User-defined tables and their indexes are distributed across the available segments in a Greenplum Database system; each segment contains a distinct portion of data. The database server processes that serve segment data run under the corresponding segment instances. Users interact with segments in a Greenplum Database system through the master.

Segments run on a servers called segment hosts. A segment host typically executes from two to eight Greenplum segments, depending on the CPU cores, RAM, storage, network interfaces, and workloads. Segment hosts are expected to be identically configured. The key to obtaining the best performance from Greenplum Database is to distribute data and workloads evenly across a large number of equally capable segments so that all segments begin working on a task simultaneously and complete their work at the same time.

About the Greenplum Interconnect

The interconect is the networking layer of the Greenplum Database architecture.

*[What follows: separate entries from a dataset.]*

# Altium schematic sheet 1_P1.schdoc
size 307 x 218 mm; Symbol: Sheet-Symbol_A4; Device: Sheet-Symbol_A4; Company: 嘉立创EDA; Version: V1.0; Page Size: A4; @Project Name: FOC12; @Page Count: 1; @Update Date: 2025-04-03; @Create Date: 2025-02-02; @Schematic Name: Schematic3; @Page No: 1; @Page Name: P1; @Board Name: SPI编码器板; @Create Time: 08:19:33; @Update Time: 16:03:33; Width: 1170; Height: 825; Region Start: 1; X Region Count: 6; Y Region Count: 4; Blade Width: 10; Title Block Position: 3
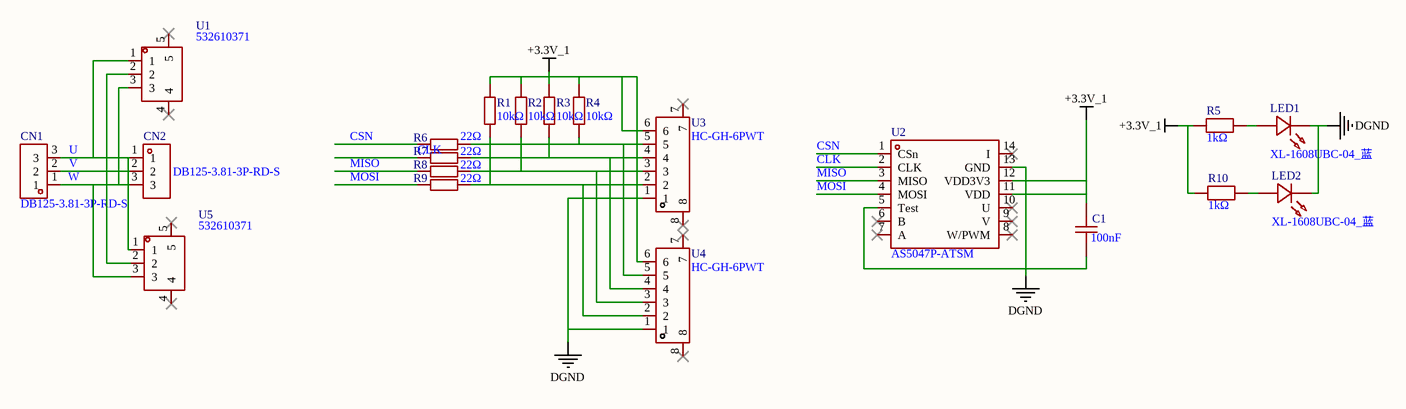
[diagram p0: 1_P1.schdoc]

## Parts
C1  100nF  [C0603]
CN1  DB125-3.81-3P-RD-S  [CONN-TH_3P-P3.81_L7.4-W11.4]
CN2  DB125-3.81-3P-RD-S  [CONN-TH_3P-P3.81_L7.4-W11.4]
LED1  XL-1608UBC-04_蓝  [LED0603-RD_BLUE]
LED2  XL-1608UBC-04_蓝  [LED0603-RD_BLUE]
R1  10kΩ  [R0402]
R2  10kΩ  [R0402]
R3  10kΩ  [R0402]
R4  10kΩ  [R0402]
R5  1kΩ  [R0402]
R6  22Ω  [R0603]
R7  22Ω  [R0603]
R8  22Ω  [R0603]
R9  22Ω  [R0603]
R10  1kΩ  [R0402]
U1  532610371  [CONN-TH_532610371]
U2  AS5047P-ATSM  [TSSOP-14_L5.0-W4.4-P0.65-LS6.4-BL]
U3  HC-GH-6PWT  [CONN-SMD_6P-P1.25_HCTL_HC-GH-6PWT]
U4  HC-GH-6PWT  [CONN-SMD_6P-P1.25_HCTL_HC-GH-6PWT]
U5  532610371  [CONN-TH_532610371]

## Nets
+3.3V_1: C1.2 R1.1 R2.1 R3.2 R4.1 R5.2 R10.2 U2.11(VDD) U2.12(VDD3V3) U3.6 U4.6
DGND: C1.1 LED1.1(K) LED2.1(K) U2.5(Test) U2.13(GND) U3.1 U4.1
CLK: R7.1 U2.2(CLK)
CSN: R6.1 U2.1(CSn)
MISO: R8.1 U2.3(MISO)
MOSI: R9.1 U2.4(MOSI)
U: CN1.3 CN2.1 U1.1 U5.1
V: CN1.2 CN2.2 U1.2 U5.2
W: CN1.1 CN2.3 U1.3 U5.3
NetLED1_2: LED1.2(A) R5.1
NetLED2_2: LED2.2(A) R10.1
NetR1_2: R1.2 R9.2 U3.2 U4.2
NetR2_2: R2.2 R8.2 U3.3 U4.3
NetR3_1: R3.1 R7.2 U3.4 U4.4
NetR4_2: R4.2 R6.2 U3.5 U4.5

Not connected (* = marked no-connect by the designer): U1 4* 5*; U2 6(B)* 7(A)* 8(W/PWM)* 9(V)* 10(U)* 14(I)*; U3 7* 8*; U4 7* 8*; U5 4* 5*

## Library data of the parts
C1 = CGA0603X7R104K500JT: Manufacturer: HRE(芯声); Add into BOM: yes; Tolerance: ±10%; Voltage Rated: 50V; Temperature Coefficient: X7R
CN1 CN2 = DB125-3.81-3P-RD-S: Manufacturer: DIBO(地博电气); Add into BOM: yes; Pitch: 3.81mm; Number of PINs Per Row: 3; Current Rating (Max): 10A; Voltage Rating (Max): 300V; Wire Gauge - AWG: 16~26; Wire Gauge - mm2: 0.5~1
LED1 LED2 = XL-1608UBC-04: Manufacturer: XINGLIGHT(成兴光); Add into BOM: yes; Emitted Color: 蓝色; Power Dissipation: 80mW; Forward Current: 25mA; Dominant Wavelength: 460nm~469nm; Peak Wavelength: 475nm; Lens Color: 无色透明透镜; Viewing Angle: 120°; Mounting Sytle: 正贴
R1-R4 = 0402WGF1002TCE: Manufacturer: UNI-ROYAL(厚声); Add into BOM: yes; Tolerance: ±1%; Power(Watts): 62.5mW; Overload Voltage (Max): 50V; Temperature Coefficient: ±100ppm/℃
R5 R10 = FRC0402J102 TS: Manufacturer: FOJAN(富捷); Add into BOM: yes; Tolerance: ±5%; Power(Watts): 62.5mW; Overload Voltage (Max): 50V; Temperature Coefficient: ±100ppm/℃
R6-R9 = 0603WAF220JT5E: Manufacturer: UNI-ROYAL(厚声); Add into BOM: yes; Tolerance: ±1%; Power(Watts): 100mW; Overload Voltage (Max): 75V; Temperature Coefficient: ±100ppm/℃
U1 U5 = 532610371: Manufacturer: MOLEX; Add into BOM: yes; Pins Structure: 1x3P; Pitch: 1.25mm; Number of PINs Per Row: 3
U2 = AS5047P-ATSM_C962063: Manufacturer: ams(艾迈斯半导体); Add into BOM: yes
U3 U4 = HC-GH-6PWT: Manufacturer: HCTL(华灿天禄); Symbol: HC-GH-6PWTKK; Add into BOM: yes; Pins Structure: 1x6P; Pitch: 1.25mm; Reference Series: GH; Number of PINs Per Row: 6; Current Rating (Max): 1A; Rated Voltage (Max): 50V; Plastic Material: LCP; Flame Retardant Rating: UL94V-0; Supplementary Features: 辅助焊脚; Z-Height of the Board: 4.25mm; X-Length of Bottom Edge on Board (Spacing Line): 10.75mm
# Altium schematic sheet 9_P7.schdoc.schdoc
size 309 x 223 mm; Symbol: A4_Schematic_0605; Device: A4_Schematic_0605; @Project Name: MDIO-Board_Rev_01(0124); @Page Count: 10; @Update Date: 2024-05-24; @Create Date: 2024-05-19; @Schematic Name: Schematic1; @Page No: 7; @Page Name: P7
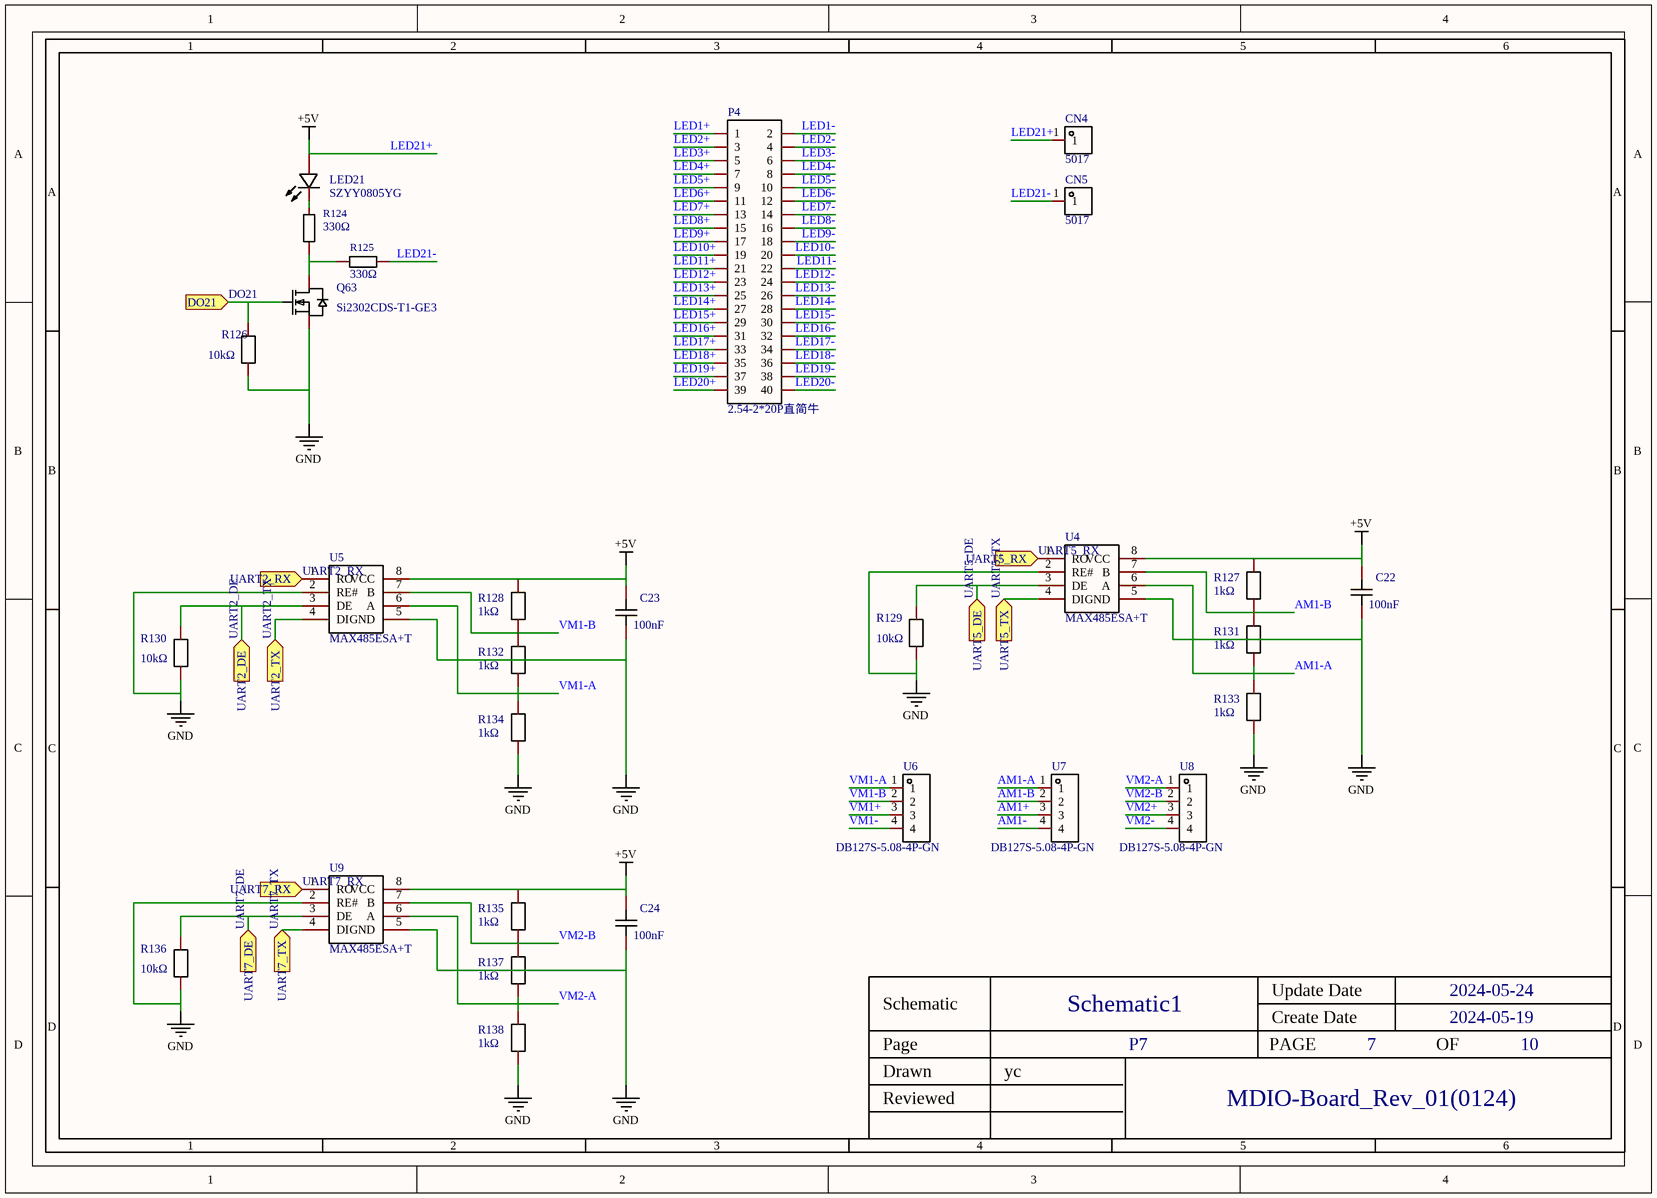
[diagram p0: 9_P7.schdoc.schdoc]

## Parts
C22  100nF  [C0603]
C23  100nF  [C0603]
C24  100nF  [C0603]
CN4  5017  [CONN-SMD_5017]
CN5  5017  [CONN-SMD_5017]
LED21  SZYY0805YG  [LED0805-R-RD_GREEN]
P4  2.54-2*20P直简牛  [IDC-TH_40P-P2.54_C9138]
Q63  Si2302CDS-T1-GE3  [SOT-23_L2.9-W1.3-P1.90-LS2.4-BR]
R124  330Ω  [R0603]
R125  330Ω  [R0603]
R126  10kΩ  [R0603]
R127  1kΩ  [R0603]
R128  1kΩ  [R0603]
R129  10kΩ  [R0603]
R130  10kΩ  [R0603]
R131  1kΩ  [R0603]
R132  1kΩ  [R0603]
R133  1kΩ  [R0603]
R134  1kΩ  [R0603]
R135  1kΩ  [R0603]
R136  10kΩ  [R0603]
R137  1kΩ  [R0603]
R138  1kΩ  [R0603]
U4  MAX485ESA+T  [SOIC-8_L5.0-W4.0-P1.27-LS6.0-BL]
U5  MAX485ESA+T  [SOIC-8_L5.0-W4.0-P1.27-LS6.0-BL]
U6  DB127S-5.08-4P-GN  [CONN-TH_4P-P5.08_DB127S-5.08-4P-GN]
U7  DB127S-5.08-4P-GN  [CONN-TH_4P-P5.08_DB127S-5.08-4P-GN]
U8  DB127S-5.08-4P-GN  [CONN-TH_4P-P5.08_DB127S-5.08-4P-GN]
U9  MAX485ESA+T  [SOIC-8_L5.0-W4.0-P1.27-LS6.0-BL]

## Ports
DO21 (in), UART2_DE (in), UART2_RX (in), UART2_TX (in), UART5_DE (in), UART5_RX (in), UART5_TX (in), UART7_DE (in), UART7_RX (in), UART7_TX (in)

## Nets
GND: C22.2 C23.2 C24.2 Q63.2(S) R126.1 R129.1 R130.1 R133.1 R134.1 R136.1 R138.1 U4.2(RE#) U4.5(GND) U5.2(RE#) U5.5(GND) U9.2(RE#) U9.5(GND)
LED21+: C22.1 C23.1 C24.1 CN4.1 LED21.1(+) R127.2 R128.2 R135.2 U4.8(VCC) U5.8(VCC) U9.8(VCC)  [also labelled +5V]
AM1+: U7.3
AM1-: U7.4
AM1-A: R131.1 R133.2 U4.6(A) U7.1
AM1-B: R127.1 R131.2 U4.7(B) U7.2
DO21: Q63.1(G) R126.2 ; port DO21
LED1+: P4.1
LED1-: P4.2
LED2+: P4.3
LED2-: P4.4
LED3+: P4.5
LED3-: P4.6
LED4+: P4.7
LED4-: P4.8
LED5+: P4.9
LED5-: P4.10
LED6+: P4.11
LED6-: P4.12
LED7+: P4.13
LED7-: P4.14
LED8+: P4.15
LED8-: P4.16
LED9+: P4.17
LED9-: P4.18
LED10+: P4.19
LED10-: P4.20
LED11+: P4.21
LED11-: P4.22
LED12+: P4.23
LED12-: P4.24
LED13+: P4.25
LED13-: P4.26
LED14+: P4.27
LED14-: P4.28
LED15+: P4.29
LED15-: P4.30
LED16+: P4.31
LED16-: P4.32
LED17+: P4.33
LED17-: P4.34
LED18+: P4.35
LED18-: P4.36
LED19+: P4.37
LED19-: P4.38
LED20+: P4.39
LED20-: P4.40
LED21-: CN5.1 R125.1
UART2_DE: R130.2 U5.3(DE) ; port UART2_DE
UART2_RX: U5.1(RO) ; port UART2_RX
UART2_TX: U5.4(DI) ; port UART2_TX
UART5_DE: R129.2 U4.3(DE) ; port UART5_DE
UART5_RX: U4.1(RO) ; port UART5_RX
UART5_TX: U4.4(DI) ; port UART5_TX
UART7_DE: R136.2 U9.3(DE) ; port UART7_DE
UART7_RX: U9.1(RO) ; port UART7_RX
UART7_TX: U9.4(DI) ; port UART7_TX
VM1+: U6.3
VM1-: U6.4
VM1-A: R132.1 R134.2 U5.6(A) U6.1
VM1-B: R128.1 R132.2 U5.7(B) U6.2
VM2+: U8.3
VM2-: U8.4
VM2-A: R137.1 R138.2 U8.1 U9.6(A)
VM2-B: R135.1 R137.2 U8.2 U9.7(B)
NetLED21_2: LED21.2(-) R124.2
NetQ63_3: Q63.3(D) R124.1 R125.2

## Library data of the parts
C22-C24 = CC0603KRX7R9BB104: Manufacturer: YAGEO(国巨); Add into BOM: yes; Tolerance: ±10%; Description: Capacitance: Tolerance:±10% Tolerance:±10% Voltage Rated: Temperature Coefficient:
CN4 CN5 = 5017: Symbol: 5017_C9900015874; Add into BOM: yes
LED21 = SZYY0805YG: Manufacturer: yongyu(永裕光电); Add into BOM: yes; Emitted Color: Green-yellow; Description: Emitted Color:Green-yellow
P4 = 2.54-2*20P直简牛: Manufacturer: BOOMELE(博穆精密); Symbol: HDR-IDC-2.54-2X20P; Add into BOM: yes; Connector Type: 简牛座; Pitch: 2.54mm; Structure: 2x20P; Holder Type: Straight; Pin Number in each Row: 20; Description: Connector Type:简牛座 Pitch:2.54mm Structure:2x20P Holder Type:Straight Row Spacing:2.54mm Number of Rows:2 Pin Number in each Row:20 Contact Material:- Contact Plating:-
Q63 = Si2302CDS-T1-GE3: Manufacturer: VISHAY(威世); Add into BOM: yes; Type: 1个NChannel; Drain Source On Resistance (RDS(on)@Vgs,Id): 57mΩ@4.5V,3.6A; Gate Threshold Voltage (Vgs(th)@Id): 850mV@250uA; Total Gate Charge (Qg@Vgs): 5.5nC@4.5V; Description: Type:1个NChannel Drain Source Voltage (Vdss): Continuous Drain Current (Id): Power Dissipation (Pd): Drain Source On Resistance (RDS(on)@Vgs,Id):57mΩ@4.5V,3.6A Gate Threshold Voltage (Vgs(th)@Id):850mV@250uA Total Gate Charge (Qg@Vgs):5.5nC@4.5V Operating
R124 R125 = 0603WAF3300T5E: Manufacturer: UNI-ROYAL(厚声); Add into BOM: yes; Tolerance: ±1%; Temperature Coefficient: ±100ppm/℃; Description: Type:Thick Film Resistors Resistance: Tolerance:±1% Tolerance:±1% Power(Watts): Overload Voltage (Max): Temperature Coefficient:±100ppm/℃ Temperature Coefficient:±100ppm/℃ Operating Temperature Range:-55℃~+155℃ Operating Temperature Range:-55℃~+155℃
R126-R138 = SCR0603J10K: Manufacturer: VO(翔胜); Add into BOM: yes; Tolerance: ±5%; Description: Type:Thick Film Resistors Resistance: Tolerance:±5% Tolerance:±5% Power(Watts): Overload Voltage (Max): Operating Temperature Range:-55℃~+155℃ Operating Temperature Range:-55℃~+155℃
U4 U5 U9 = MAX485ESA+T: Manufacturer: ADI(亚德诺)/MAXIM(美信); Add into BOM: yes; Types: transceiver; Supply Voltage: 4.75V~5.25V; Data Rate: 2.5Mbps; Driver/receiver: 1/1; Description: Types:transceiver Supply Voltage:4.75V~5.25V Supply Voltage:4.75V~5.25V Data Rate:2.5Mbps Data Rate:2.5Mbps Driver/receiver:1/1 Operating Temperature:-40℃~+85℃ Operating Temperature:-40℃~+85℃
U6-U8 = DB127S-5.08-4P-GN: Manufacturer: DORABO(地博电气); Add into BOM: yes

The interconnect refers to the inter-process communication between segments and the network infrastructure on which this communication relies. The Greenplum interconnect uses a standard Ethernet switching fabric. For performance reasons, a 10-Gigabit system, or faster, is recommended.

By default, the interconnect uses User Datagram Protocol with flow control (UDPIFC) for interconnect traffic to send messages over the network. The Greenplum software performs packet verification beyond what is provided by UDP. This means the reliability is equivalent to Transmission Control Protocol (TCP), and the performance and scalability exceeds TCP. If the interconnect is changed to TCP, Greenplum Database has a scalability limit of 1000 segment instances. With UDPIFC as the default protocol for the interconnect, this limit is not applicable.